Approximately 28 million people live in the regions found in the hotspots based on the 2012 census. Three of the four hotspots were around major lakes in the country mainly Lake Victoria, Tanganyika and Nyasa. Living near a lake was also reported in Uganda, the DRC and elsewhere as a factor associated with increased cholera incidence [8, 17, 18].
According to existing literature, Dar es Salaam is one of the endemic cities experiencing cholera outbreaks in Tanzania [19]. This city was however not identified in our analysis as part of the hotspot areas. Such a discrepancy reveal one of the limitations of the data and weaknesses of the existing surveillance system in which cholera reports were aggregated at regional level rather than at district level. The observed clusters should therefore be treated with caution. Reliable disease hotspot identification cannot be effective when surveillance and risk factor data are not available from the smallest geographical structures in affected countries [6, 8]. Reliability of data also includes consistency in case definitions because only a small proportion of suspected cases are laboratory confirmed and may bias identification of priority areas where interventions are needed [5].

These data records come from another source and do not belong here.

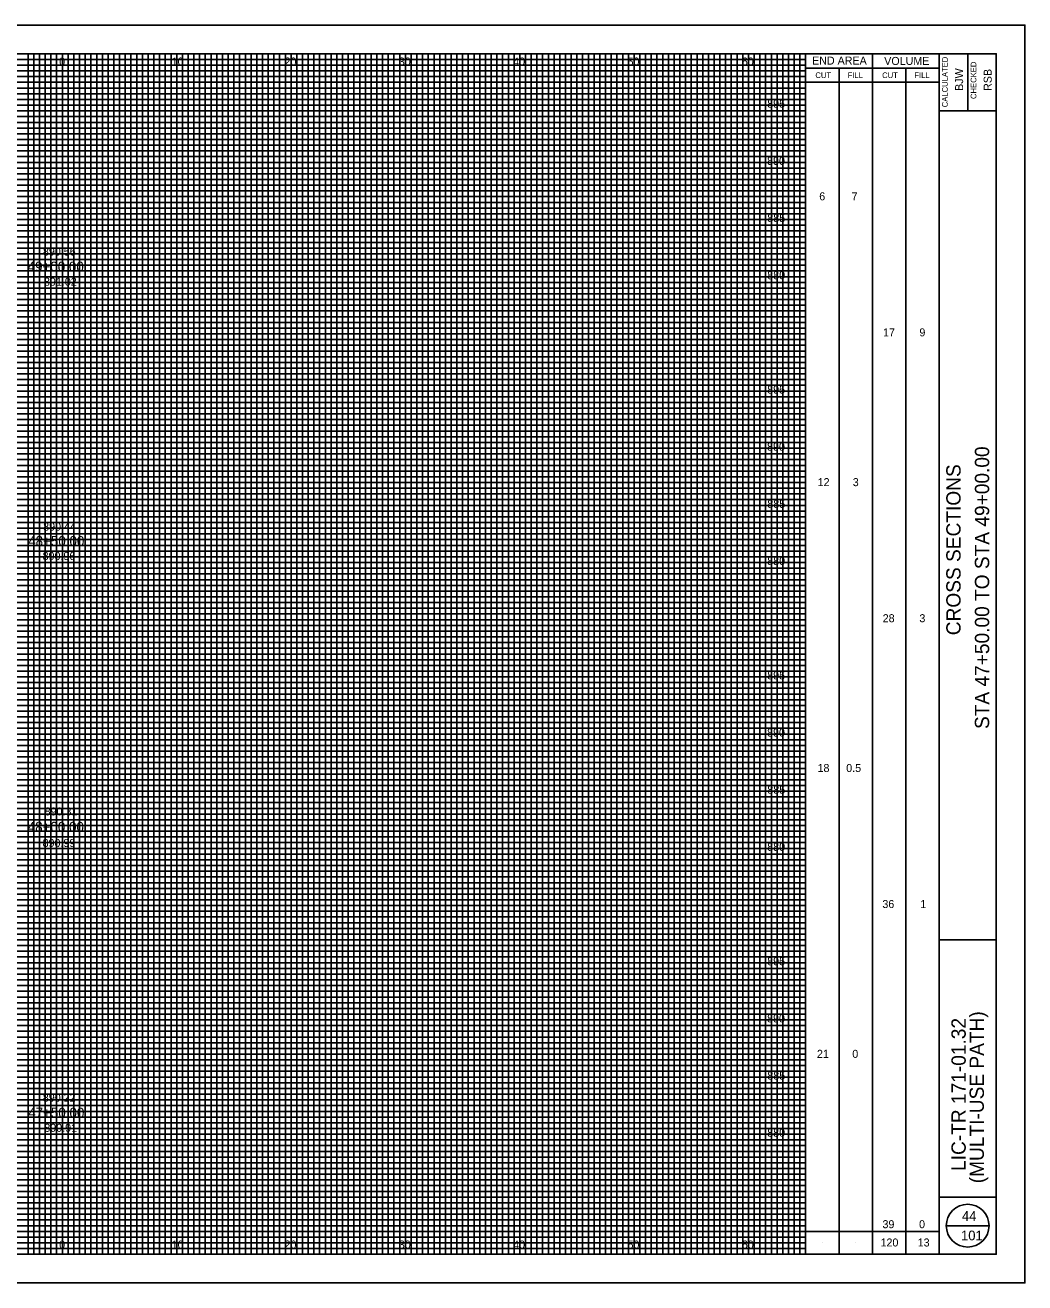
# Model space of a CAD drawing. Extents: x -10 to 160, y -2 to 2522.
# Drawn here: x 72.6 to 160, y 1837.5 to 1947.5 of the extents above; entities that cross this region are included whole.
import ezdxf

# ---------------------------------------------------------------- set-up
doc = ezdxf.new("R2010")
doc.units = 0
for name, color, linetype in [('GK_Cells', 7, 'Continuous'), ('GK_Patterns', 7, 'Continuous'), ('TX_P_10', 7, 'Continuous'), ('TX_X_10', 7, 'Continuous'), ('XS_P_Finished_Grade_Seeded', 7, 'Continuous'), ('XS_P_Pavt_Surface', 7, 'Continuous'), ('XS_P_Subgrade', 7, 'Continuous'), ('XS_X_Ground_Line', 7, 'Continuous')]:
    doc.layers.add(name, color=color, linetype=linetype)

msp = doc.modelspace()

# ---------------------------------------------------------------- linework, layer by layer
at = {"layer": 'GK_Cells'}
msp.add_lwpolyline([(-10, 1837.5), (160, 1837.5), (160, 1947.5), (-10, 1947.5)], close=True, dxfattribs=at)
at = {"layer": 'TX_P_10'}
for p, q in [((140.83, 1840), (140.83, 1945)), ((146.67, 1840), (146.67, 1945)), ((140.83, 1943.75), (152.5, 1943.75)), ((143.75, 1840), (143.75, 1943.75)), ((149.58, 1840), (149.58, 1943.75)), ((140.83, 1942.5), (152.5, 1942.5)), ((140.83, 1842), (152.5, 1842)), ((153.12, 1842.5), (156.88, 1842.5)), ((142.29, 1841), (142.29, 1841)), ((145.21, 1841), (145.21, 1841)), ((148.12, 1841), (148.12, 1841)), ((151.04, 1841), (151.04, 1841))]:
    msp.add_line(p, q, dxfattribs=at)
msp.add_circle((155, 1842.5), 1.87, dxfattribs=at)
at = {"layer": 'TX_X_10'}
for p, q in [((75.83, 1840), (75.83, 1945)), ((80.83, 1840), (80.83, 1945)), ((85.83, 1840), (85.83, 1945)), ((90.83, 1840), (90.83, 1945)), ((95.83, 1840), (95.83, 1945)), ((100.83, 1840), (100.83, 1945)), ((105.83, 1840), (105.83, 1945)), ((110.83, 1840), (110.83, 1945)), ((115.83, 1840), (115.83, 1945)), ((120.83, 1840), (120.83, 1945)), ((125.83, 1840), (125.83, 1945)), ((130.83, 1840), (130.83, 1945)), ((135.83, 1840), (135.83, 1945)), ((5.83, 1940), (140.83, 1940)), ((5.83, 1935), (140.83, 1935)), ((5.83, 1930), (140.83, 1930)), ((5.83, 1925), (140.83, 1925)), ((5.83, 1920), (140.83, 1920)), ((5.83, 1915), (140.83, 1915)), ((5.83, 1910), (140.83, 1910)), ((5.83, 1905), (140.83, 1905)), ((5.83, 1900), (140.83, 1900)), ((5.83, 1895), (140.83, 1895)), ((5.83, 1890), (140.83, 1890)), ((5.83, 1885), (140.83, 1885)), ((5.83, 1880), (140.83, 1880)), ((5.83, 1875), (140.83, 1875)), ((5.83, 1870), (140.83, 1870)), ((5.83, 1865), (140.83, 1865)), ((5.83, 1860), (140.83, 1860)), ((5.83, 1855), (140.83, 1855)), ((5.83, 1850), (140.83, 1850)), ((5.83, 1845), (140.83, 1845))]:
    msp.add_line(p, q, dxfattribs=at)
at = {"layer": 'XS_P_Pavt_Surface'}
for p, q in [((152.5, 1840), (152.5, 1945)), ((155, 1945), (155, 1940)), ((152.5, 1940), (157.5, 1940)), ((152.5, 1867.5), (157.5, 1867.5)), ((152.5, 1845), (157.5, 1845))]:
    msp.add_line(p, q, dxfattribs=at)
msp.add_lwpolyline([(0, 1945), (157.5, 1945), (157.5, 1840), (0, 1840)], close=True, dxfattribs=at)
at = {"layer": 'XS_X_Ground_Line'}
for p, q in [((72.83, 1840), (72.83, 1945)), ((73.33, 1840), (73.33, 1945)), ((73.83, 1840), (73.83, 1945)), ((74.33, 1840), (74.33, 1945)), ((74.83, 1840), (74.83, 1945)), ((75.33, 1840), (75.33, 1945)), ((76.33, 1840), (76.33, 1945)), ((76.83, 1840), (76.83, 1945)), ((77.33, 1840), (77.33, 1945)), ((77.83, 1840), (77.83, 1945)), ((78.33, 1840), (78.33, 1945)), ((78.83, 1840), (78.83, 1945)), ((79.33, 1840), (79.33, 1945)), ((79.83, 1840), (79.83, 1945)), ((80.33, 1840), (80.33, 1945)), ((81.33, 1840), (81.33, 1945)), ((81.83, 1840), (81.83, 1945)), ((82.33, 1840), (82.33, 1945)), ((82.83, 1840), (82.83, 1945)), ((83.33, 1840), (83.33, 1945)), ((83.83, 1840), (83.83, 1945)), ((84.33, 1840), (84.33, 1945)), ((84.83, 1840), (84.83, 1945)), ((85.33, 1840), (85.33, 1945)), ((86.33, 1840), (86.33, 1945)), ((86.83, 1840), (86.83, 1945)), ((87.33, 1840), (87.33, 1945)), ((87.83, 1840), (87.83, 1945)), ((88.33, 1840), (88.33, 1945)), ((88.83, 1840), (88.83, 1945)), ((89.33, 1840), (89.33, 1945)), ((89.83, 1840), (89.83, 1945)), ((90.33, 1840), (90.33, 1945)), ((91.33, 1840), (91.33, 1945)), ((91.83, 1840), (91.83, 1945)), ((92.33, 1840), (92.33, 1945)), ((92.83, 1840), (92.83, 1945)), ((93.33, 1840), (93.33, 1945)), ((93.83, 1840), (93.83, 1945)), ((94.33, 1840), (94.33, 1945)), ((94.83, 1840), (94.83, 1945)), ((95.33, 1840), (95.33, 1945)), ((96.33, 1840), (96.33, 1945)), ((96.83, 1840), (96.83, 1945)), ((97.33, 1840), (97.33, 1945)), ((97.83, 1840), (97.83, 1945)), ((98.33, 1840), (98.33, 1945)), ((98.83, 1840), (98.83, 1945)), ((99.33, 1840), (99.33, 1945)), ((99.83, 1840), (99.83, 1945)), ((100.33, 1840), (100.33, 1945)), ((101.33, 1840), (101.33, 1945)), ((101.83, 1840), (101.83, 1945)), ((102.33, 1840), (102.33, 1945)), ((102.83, 1840), (102.83, 1945)), ((103.33, 1840), (103.33, 1945)), ((103.83, 1840), (103.83, 1945)), ((104.33, 1840), (104.33, 1945)), ((104.83, 1840), (104.83, 1945)), ((105.33, 1840), (105.33, 1945)), ((106.33, 1840), (106.33, 1945)), ((106.83, 1840), (106.83, 1945)), ((107.33, 1840), (107.33, 1945)), ((107.83, 1840), (107.83, 1945)), ((108.33, 1840), (108.33, 1945)), ((108.83, 1840), (108.83, 1945)), ((109.33, 1840), (109.33, 1945)), ((109.83, 1840), (109.83, 1945)), ((110.33, 1840), (110.33, 1945)), ((111.33, 1840), (111.33, 1945)), ((111.83, 1840), (111.83, 1945)), ((112.33, 1840), (112.33, 1945)), ((112.83, 1840), (112.83, 1945)), ((113.33, 1840), (113.33, 1945)), ((113.83, 1840), (113.83, 1945)), ((114.33, 1840), (114.33, 1945)), ((114.83, 1840), (114.83, 1945)), ((115.33, 1840), (115.33, 1945)), ((116.33, 1840), (116.33, 1945)), ((116.83, 1840), (116.83, 1945)), ((117.33, 1840), (117.33, 1945)), ((117.83, 1840), (117.83, 1945)), ((118.33, 1840), (118.33, 1945)), ((118.83, 1840), (118.83, 1945)), ((119.33, 1840), (119.33, 1945)), ((119.83, 1840), (119.83, 1945)), ((120.33, 1840), (120.33, 1945)), ((121.33, 1840), (121.33, 1945)), ((121.83, 1840), (121.83, 1945)), ((122.33, 1840), (122.33, 1945)), ((122.83, 1840), (122.83, 1945)), ((123.33, 1840), (123.33, 1945)), ((123.83, 1840), (123.83, 1945)), ((124.33, 1840), (124.33, 1945)), ((124.83, 1840), (124.83, 1945)), ((125.33, 1840), (125.33, 1945)), ((126.33, 1840), (126.33, 1945)), ((126.83, 1840), (126.83, 1945)), ((127.33, 1840), (127.33, 1945)), ((127.83, 1840), (127.83, 1945)), ((128.33, 1840), (128.33, 1945)), ((128.83, 1840), (128.83, 1945)), ((129.33, 1840), (129.33, 1945)), ((129.83, 1840), (129.83, 1945)), ((130.33, 1840), (130.33, 1945)), ((131.33, 1840), (131.33, 1945)), ((131.83, 1840), (131.83, 1945)), ((132.33, 1840), (132.33, 1945)), ((132.83, 1840), (132.83, 1945)), ((133.33, 1840), (133.33, 1945)), ((133.83, 1840), (133.83, 1945)), ((134.33, 1840), (134.33, 1945)), ((134.83, 1840), (134.83, 1945)), ((135.33, 1840), (135.33, 1945)), ((136.33, 1840), (136.33, 1945)), ((136.83, 1840), (136.83, 1945)), ((137.33, 1840), (137.33, 1945)), ((137.83, 1840), (137.83, 1945)), ((138.33, 1840), (138.33, 1945)), ((138.83, 1840), (138.83, 1945)), ((139.33, 1840), (139.33, 1945)), ((139.83, 1840), (139.83, 1945)), ((140.33, 1840), (140.33, 1945)), ((5.83, 1944.5), (140.83, 1944.5)), ((5.83, 1944), (140.83, 1944)), ((5.83, 1943.5), (140.83, 1943.5)), ((5.83, 1943), (140.83, 1943)), ((5.83, 1942.5), (140.83, 1942.5)), ((5.83, 1942), (140.83, 1942)), ((5.83, 1941.5), (140.83, 1941.5)), ((5.83, 1941), (140.83, 1941)), ((5.83, 1940.5), (140.83, 1940.5)), ((5.83, 1939.5), (140.83, 1939.5)), ((5.83, 1939), (140.83, 1939)), ((5.83, 1938.5), (140.83, 1938.5)), ((5.83, 1938), (140.83, 1938)), ((5.83, 1937.5), (140.83, 1937.5)), ((5.83, 1937), (140.83, 1937)), ((5.83, 1936.5), (140.83, 1936.5)), ((5.83, 1936), (140.83, 1936)), ((5.83, 1935.5), (140.83, 1935.5)), ((5.83, 1934.5), (140.83, 1934.5)), ((5.83, 1934), (140.83, 1934)), ((5.83, 1933.5), (140.83, 1933.5)), ((5.83, 1933), (140.83, 1933)), ((5.83, 1932.5), (140.83, 1932.5)), ((5.83, 1932), (140.83, 1932)), ((5.83, 1931.5), (140.83, 1931.5)), ((5.83, 1931), (140.83, 1931)), ((5.83, 1930.5), (140.83, 1930.5)), ((5.83, 1929.5), (140.83, 1929.5)), ((5.83, 1929), (140.83, 1929)), ((5.83, 1928.5), (140.83, 1928.5)), ((5.83, 1928), (140.83, 1928)), ((5.83, 1927.5), (140.83, 1927.5)), ((5.83, 1927), (140.83, 1927)), ((5.83, 1926.5), (140.83, 1926.5)), ((5.83, 1926), (140.83, 1926)), ((5.83, 1925.5), (140.83, 1925.5)), ((5.83, 1924.5), (140.83, 1924.5)), ((5.83, 1924), (140.83, 1924)), ((5.83, 1923.5), (140.83, 1923.5)), ((5.83, 1923), (140.83, 1923)), ((5.83, 1922.5), (140.83, 1922.5)), ((5.83, 1922), (140.83, 1922)), ((5.83, 1921.5), (140.83, 1921.5)), ((5.83, 1921), (140.83, 1921)), ((5.83, 1920.5), (140.83, 1920.5)), ((5.83, 1919.5), (140.83, 1919.5)), ((5.83, 1919), (140.83, 1919)), ((5.83, 1918.5), (140.83, 1918.5)), ((5.83, 1918), (140.83, 1918)), ((5.83, 1917.5), (140.83, 1917.5)), ((5.83, 1917), (140.83, 1917)), ((5.83, 1916.5), (140.83, 1916.5)), ((5.83, 1916), (140.83, 1916)), ((5.83, 1915.5), (140.83, 1915.5)), ((5.83, 1914.5), (140.83, 1914.5)), ((5.83, 1914), (140.83, 1914)), ((5.83, 1913.5), (140.83, 1913.5)), ((5.83, 1913), (140.83, 1913)), ((5.83, 1912.5), (140.83, 1912.5)), ((5.83, 1912), (140.83, 1912)), ((5.83, 1911.5), (140.83, 1911.5)), ((5.83, 1911), (140.83, 1911)), ((5.83, 1910.5), (140.83, 1910.5)), ((5.83, 1909.5), (140.83, 1909.5)), ((5.83, 1909), (140.83, 1909)), ((5.83, 1908.5), (140.83, 1908.5)), ((5.83, 1908), (140.83, 1908)), ((5.83, 1907.5), (140.83, 1907.5)), ((5.83, 1907), (140.83, 1907)), ((5.83, 1906.5), (140.83, 1906.5)), ((5.83, 1906), (140.83, 1906)), ((5.83, 1905.5), (140.83, 1905.5)), ((5.83, 1904.5), (140.83, 1904.5)), ((5.83, 1904), (140.83, 1904)), ((5.83, 1903.5), (140.83, 1903.5)), ((5.83, 1903), (140.83, 1903)), ((5.83, 1902.5), (140.83, 1902.5)), ((5.83, 1902), (140.83, 1902)), ((5.83, 1901.5), (140.83, 1901.5)), ((5.83, 1901), (140.83, 1901)), ((5.83, 1900.5), (140.83, 1900.5)), ((5.83, 1899.5), (140.83, 1899.5)), ((5.83, 1899), (140.83, 1899)), ((5.83, 1898.5), (140.83, 1898.5)), ((5.83, 1898), (140.83, 1898)), ((5.83, 1897.5), (140.83, 1897.5)), ((5.83, 1897), (140.83, 1897)), ((5.83, 1896.5), (140.83, 1896.5)), ((5.83, 1896), (140.83, 1896)), ((5.83, 1895.5), (140.83, 1895.5)), ((5.83, 1894.5), (140.83, 1894.5)), ((5.83, 1894), (140.83, 1894)), ((5.83, 1893.5), (140.83, 1893.5)), ((5.83, 1893), (140.83, 1893)), ((5.83, 1892.5), (140.83, 1892.5)), ((5.83, 1892), (140.83, 1892)), ((5.83, 1891.5), (140.83, 1891.5)), ((5.83, 1891), (140.83, 1891)), ((5.83, 1890.5), (140.83, 1890.5)), ((5.83, 1889.5), (140.83, 1889.5)), ((5.83, 1889), (140.83, 1889)), ((5.83, 1888.5), (140.83, 1888.5)), ((5.83, 1888), (140.83, 1888)), ((5.83, 1887.5), (140.83, 1887.5)), ((5.83, 1887), (140.83, 1887)), ((5.83, 1886.5), (140.83, 1886.5)), ((5.83, 1886), (140.83, 1886)), ((5.83, 1885.5), (140.83, 1885.5)), ((5.83, 1884.5), (140.83, 1884.5)), ((5.83, 1884), (140.83, 1884)), ((5.83, 1883.5), (140.83, 1883.5)), ((5.83, 1883), (140.83, 1883)), ((5.83, 1882.5), (140.83, 1882.5)), ((5.83, 1882), (140.83, 1882)), ((5.83, 1881.5), (140.83, 1881.5)), ((5.83, 1881), (140.83, 1881)), ((5.83, 1880.5), (140.83, 1880.5)), ((5.83, 1879.5), (140.83, 1879.5)), ((5.83, 1879), (140.83, 1879)), ((5.83, 1878.5), (140.83, 1878.5)), ((5.83, 1878), (140.83, 1878)), ((5.83, 1877.5), (140.83, 1877.5)), ((5.83, 1877), (140.83, 1877)), ((5.83, 1876.5), (140.83, 1876.5)), ((5.83, 1876), (140.83, 1876)), ((5.83, 1875.5), (140.83, 1875.5)), ((5.83, 1874.5), (140.83, 1874.5)), ((5.83, 1874), (140.83, 1874)), ((5.83, 1873.5), (140.83, 1873.5)), ((5.83, 1873), (140.83, 1873)), ((5.83, 1872.5), (140.83, 1872.5)), ((5.83, 1872), (140.83, 1872)), ((5.83, 1871.5), (140.83, 1871.5)), ((5.83, 1871), (140.83, 1871)), ((5.83, 1870.5), (140.83, 1870.5)), ((5.83, 1869.5), (140.83, 1869.5)), ((5.83, 1869), (140.83, 1869)), ((5.83, 1868.5), (140.83, 1868.5)), ((5.83, 1868), (140.83, 1868)), ((5.83, 1867.5), (140.83, 1867.5)), ((5.83, 1867), (140.83, 1867)), ((5.83, 1866.5), (140.83, 1866.5)), ((5.83, 1866), (140.83, 1866)), ((5.83, 1865.5), (140.83, 1865.5)), ((5.83, 1864.5), (140.83, 1864.5)), ((5.83, 1864), (140.83, 1864)), ((5.83, 1863.5), (140.83, 1863.5)), ((5.83, 1863), (140.83, 1863)), ((5.83, 1862.5), (140.83, 1862.5)), ((5.83, 1862), (140.83, 1862)), ((5.83, 1861.5), (140.83, 1861.5)), ((5.83, 1861), (140.83, 1861)), ((5.83, 1860.5), (140.83, 1860.5)), ((5.83, 1859.5), (140.83, 1859.5)), ((5.83, 1859), (140.83, 1859)), ((5.83, 1858.5), (140.83, 1858.5)), ((5.83, 1858), (140.83, 1858)), ((5.83, 1857.5), (140.83, 1857.5)), ((5.83, 1857), (140.83, 1857)), ((5.83, 1856.5), (140.83, 1856.5)), ((5.83, 1856), (140.83, 1856)), ((5.83, 1855.5), (140.83, 1855.5)), ((5.83, 1854.5), (140.83, 1854.5)), ((5.83, 1854), (140.83, 1854)), ((5.83, 1853.5), (140.83, 1853.5)), ((5.83, 1853), (140.83, 1853)), ((5.83, 1852.5), (140.83, 1852.5)), ((5.83, 1852), (140.83, 1852)), ((5.83, 1851.5), (140.83, 1851.5)), ((5.83, 1851), (140.83, 1851)), ((5.83, 1850.5), (140.83, 1850.5)), ((5.83, 1849.5), (140.83, 1849.5)), ((5.83, 1849), (140.83, 1849)), ((5.83, 1848.5), (140.83, 1848.5)), ((5.83, 1848), (140.83, 1848)), ((5.83, 1847.5), (140.83, 1847.5)), ((5.83, 1847), (140.83, 1847)), ((5.83, 1846.5), (140.83, 1846.5)), ((5.83, 1846), (140.83, 1846)), ((5.83, 1845.5), (140.83, 1845.5)), ((5.83, 1844.5), (140.83, 1844.5)), ((5.83, 1844), (140.83, 1844)), ((5.83, 1843.5), (140.83, 1843.5)), ((5.83, 1843), (140.83, 1843)), ((5.83, 1842.5), (140.83, 1842.5)), ((5.83, 1842), (140.83, 1842)), ((5.83, 1841.5), (140.83, 1841.5)), ((5.83, 1841), (140.83, 1841)), ((5.83, 1840.5), (140.83, 1840.5))]:
    msp.add_line(p, q, dxfattribs=at)

# ---------------------------------------------------------------- texts
at = {"layer": 'GK_Patterns'}
for s, height, p in [('0', 0.7, (75.55, 1943.97)), ('0', 0.7, (75.55, 1943.97)), ('10', 0.7, (85.39, 1943.97)), ('20', 0.7, (95.26, 1943.97)), ('30', 0.7, (105.25, 1943.97)), ('40', 0.7, (115.25, 1943.97)), ('50', 0.7, (125.25, 1943.97)), ('60', 0.7, (135.25, 1943.97)), ('895', 0.7, (137.47, 1940.28)), ('890', 0.7, (137.46, 1935.28)), ('6', 0.7, (142.02, 1932.18)), ('7', 0.7, (144.85, 1932.18)), ('885', 0.7, (137.48, 1930.28)), ('49+00.00', 0.875, (72.79, 1925.94)), ('880', 0.7, (137.47, 1925.28)), ('17', 0.7, (147.6, 1920.28)), ('9', 0.7, (150.78, 1920.28)), ('895', 0.7, (137.47, 1915.28)), ('890', 0.7, (137.46, 1910.28)), ('12', 0.7, (141.88, 1907.18)), ('3', 0.7, (144.95, 1907.18)), ('885', 0.7, (137.48, 1905.28)), ('48+50.00', 0.875, (72.84, 1901.94)), ('880', 0.7, (137.47, 1900.28)), ('28', 0.7, (147.57, 1895.28)), ('3', 0.7, (150.78, 1895.28)), ('895', 0.7, (137.47, 1890.28)), ('890', 0.7, (137.46, 1885.28)), ('18', 0.7, (141.87, 1882.18)), ('0.5', 0.7, (144.38, 1882.18)), ('885', 0.7, (137.48, 1880.28)), ('48+00.00', 0.875, (72.8, 1876.94)), ('880', 0.7, (137.47, 1875.28)), ('36', 0.7, (147.54, 1870.28)), ('1', 0.7, (150.86, 1870.28)), ('895', 0.7, (137.47, 1865.28)), ('890', 0.7, (137.46, 1860.28)), ('21', 0.7, (141.82, 1857.18)), ('0', 0.7, (144.91, 1857.18)), ('885', 0.7, (137.48, 1855.28)), ('47+50.00', 0.875, (72.84, 1851.94)), ('880', 0.7, (137.47, 1850.28)), ('39', 0.7, (147.55, 1842.28)), ('0', 0.7, (150.75, 1842.28)), ('0', 0.7, (75.55, 1840.5)), ('0', 0.7, (75.55, 1840.5)), ('10', 0.7, (85.39, 1840.5)), ('20', 0.7, (95.26, 1840.5)), ('30', 0.7, (105.25, 1840.5)), ('40', 0.7, (115.25, 1840.5)), ('50', 0.7, (125.25, 1840.5)), ('60', 0.7, (135.25, 1840.5)), ('120', 0.7, (147.38, 1840.68)), ('13', 0.7, (150.63, 1840.68))]:
    msp.add_text(s, height=height, dxfattribs=at).set_placement(p)
at = {"layer": 'TX_P_10'}
for s, height, p in [('END AREA', 0.7, (141.39, 1944.05)), ('VOLUME', 0.7, (147.7, 1944.02)), ('CUT', 0.5, (141.68, 1942.87)), ('FILL', 0.5, (144.5, 1942.87)), ('CUT', 0.5, (147.52, 1942.87)), ('FILL', 0.5, (150.34, 1942.87)), ('44', 0.85, (154.5, 1842.92)), ('101', 0.85, (154.42, 1841.22))]:
    msp.add_text(s, height=height, dxfattribs=at).set_placement(p)
for s, height, p in [('CALCULATED', 0.5, (153.26, 1940.32)), ('BJW', 0.7, (154.6, 1941.75)), ('CHECKED', 0.5, (155.76, 1941.04)), ('RSB', 0.7, (157.1, 1941.75)), ('STA 47+50.00 TO STA 49+00.00', 1.25, (156.88, 1885.94)), ('CROSS SECTIONS', 1.25, (154.38, 1894.14)), ('LIC-TR 171-01.32', 1.25, (154.83, 1847.29)), ('(MULTI-USE PATH)', 1.25, (156.42, 1846.21))]:
    msp.add_text(s, height=height, rotation=90, dxfattribs=at).set_placement(p)
at = {"layer": 'XS_P_Finished_Grade_Seeded'}
for s, p in [('891.02', (74.22, 1924.71)), ('890.96', (74.1, 1900.72)), ('890.99', (74.1, 1875.62)), ('890.91', (74.25, 1850.71))]:
    msp.add_text(s, height=0.7, dxfattribs=at).set_placement(p)
at = {"layer": 'XS_P_Subgrade'}
for s, p in [('890.56', (74.13, 1927.35)), ('890.44', (74.15, 1903.29)), ('890.31', (74.28, 1878.38)), ('890.22', (74.12, 1853.35))]:
    msp.add_text(s, height=0.7, dxfattribs=at).set_placement(p)

doc.saveas('drawing.dxf')

Compared to previous studies in the DRC, Uganda, India and Zanzibar [6,7,8,9] which had cholera data and exposure variables from districts, the available regional data in Tanzania were not able to detect many risk factors investigated against the incidence of cholera. The rainfall pattern, both before and during the year of epidemics did not significantly affect the cholera incidence in mainland Tanzania based on currently available data (p = 0.07; 0.14, respectively, Additional file 1). This could mean that in reality there is no positive correlation between rainfall and risk for cholera in mainland Tanzania. Nevertheless, cholera is normally expected to have a seasonal pattern as is the case in Zanzibar and elsewhere [7, 20, 21]. Only water perimeter in a region was significantly associated with incidence of cholera with a 1.5% increase in incidence for 100 km increase in water perimeter (IRR 1.015; 95% CI 1.001 to 1.030; p = 0.042, Fig. 3). This correlates findings of the hotspots analyses where three significant clusters covered regions around the Great Lakes. Living near water bodies mainly great Lakes seems therefore a significant risk factor for cholera which has also been documented globally [22]. Recent findings in Tanzania where V. cholerae O1 isolated from Lake Victoria were phylogenetically identical to those causing cholera outbreaks in the African Great Lakes region further illustrates the association between Lakes and cholera [23].